Friday, November 10, 2006

::: DIRT IN THE WRINKLES and THE ESCALATOR THAT IS A BRIDGE :::

EDITORS NOTE: since it has been a week since the last post, I combined two of them for your reading leisure. END OF EDITORS NOTE.

Signed,

The Editor


::


The thing about seasons is that they help you determine.

You determine your outerwear...and, in some parts of the world, your underwear by the seasons. You can determine the difference in the season by just looking at your electric bill, your check book, your laundry pile.

My laundry pile is showing a change of season. But, I am talking about a different kind of laundry here. I am talking about the laundry that needs airing out...the dirt in the wrinkle of the laundry of our everyday. Our lives. My life. For me, as a follower of Christ, it is things impure, things that are not what God has offered us. Things that I have taken grasp of by myself...while thinking they are the best for me. No, I am not going to be making any major public confessions, other than this...I am an f-ed up individual...and I am okay with it. That is what grace will do for you. Give you the strength to admit it and yet still find peace about it. In this season, the message of Jesus is quite clear yet again...by giving it up, you gain it all. And, I feel like I have.
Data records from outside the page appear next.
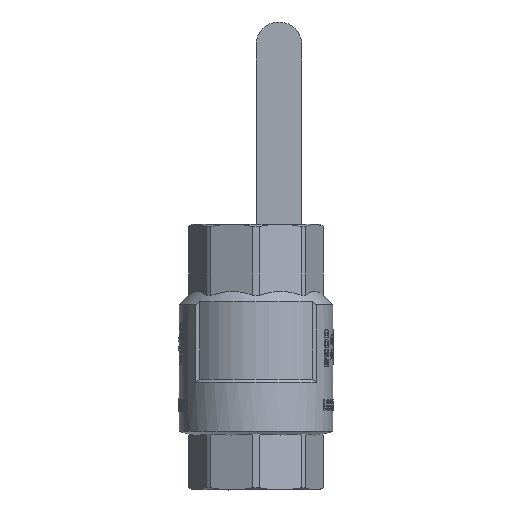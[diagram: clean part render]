
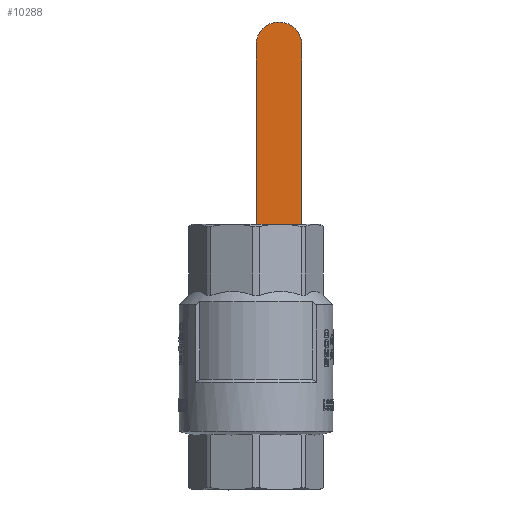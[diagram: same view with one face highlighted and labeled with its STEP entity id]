
A CAD part, front view. The second image highlights one B-rep face of the part: STEP entity #10288.
In plain terms, the highlighted planar face has unit normal (0, -1, 0).
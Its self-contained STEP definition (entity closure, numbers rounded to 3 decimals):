
#362=PLANE('',#10878);
#811=CIRCLE('',#10861,7.25);
#1405=FACE_OUTER_BOUND('',#2038,.T.);
#2038=EDGE_LOOP('',(#9412,#9413,#9414,#9415));
#3259=LINE('',#27362,#3938);
#3270=LINE('',#27396,#3949);
#3277=LINE('',#27416,#3956);
#3938=VECTOR('',#12629,10.);
#3949=VECTOR('',#12662,10.);
#3956=VECTOR('',#12689,10.);
#4943=VERTEX_POINT('',#27359);
#4944=VERTEX_POINT('',#27361);
#4947=VERTEX_POINT('',#27370);
#4956=VERTEX_POINT('',#27394);
#6452=EDGE_CURVE('',#4944,#4943,#3259,.T.);
#6457=EDGE_CURVE('',#4943,#4947,#811,.T.);
#6470=EDGE_CURVE('',#4947,#4956,#3270,.T.);
#6481=EDGE_CURVE('',#4956,#4944,#3277,.T.);
#9412=ORIENTED_EDGE('',*,*,#6452,.T.);
#9413=ORIENTED_EDGE('',*,*,#6457,.T.);
#9414=ORIENTED_EDGE('',*,*,#6470,.T.);
#9415=ORIENTED_EDGE('',*,*,#6481,.T.);
#10288=ADVANCED_FACE('',(#1405),#362,.T.);
#10861=AXIS2_PLACEMENT_3D('',#27371,#12638,#12639);
#10878=AXIS2_PLACEMENT_3D('',#27415,#12687,#12688);
#12629=DIRECTION('',(0.,0.,1.));
#12638=DIRECTION('center_axis',(0.,-1.,0.));
#12639=DIRECTION('ref_axis',(-1.,0.,0.));
#12662=DIRECTION('',(0.,0.,-1.));
#12687=DIRECTION('center_axis',(0.,-1.,0.));
#12688=DIRECTION('ref_axis',(0.,0.,-1.));
#12689=DIRECTION('',(1.,0.,0.));
#27359=CARTESIAN_POINT('',(14.5,61.48,98.599));
#27361=CARTESIAN_POINT('',(14.5,61.48,32.028));
#27362=CARTESIAN_POINT('',(14.5,61.48,66.264));
#27370=CARTESIAN_POINT('',(0.,61.48,98.599));
#27371=CARTESIAN_POINT('Origin',(7.25,61.48,98.599));
#27394=CARTESIAN_POINT('',(0.,61.48,32.028));
#27396=CARTESIAN_POINT('',(0.,61.48,110.365));
#27415=CARTESIAN_POINT('Origin',(0.,61.48,122.13));
#27416=CARTESIAN_POINT('',(0.,61.48,32.028));

This morning I was walking to campus after stopping off for milk-tea and there is a two tier escalator I take to get there. By the way, escalators are everywhere here. In fact the longest in the world is here...it’s in a part of town called the Mid-levels. I digress.

The seminal thought this morning however is how it amazes me that as a foreigner, I “get” escalator etiquette far quicker than locals and young people...at least it seems. The escalator playing the subject of my morning light-bulb moment handles all the traffic between the huge apartment complexes and the MTR station near where I currently live. All sidewalks converge here for those who live on the upper level of the Estate trying to go lower, and the many students who’s schools are in the upper. At 8.05-8.15 the escalator is quite busy. Peak time if you will.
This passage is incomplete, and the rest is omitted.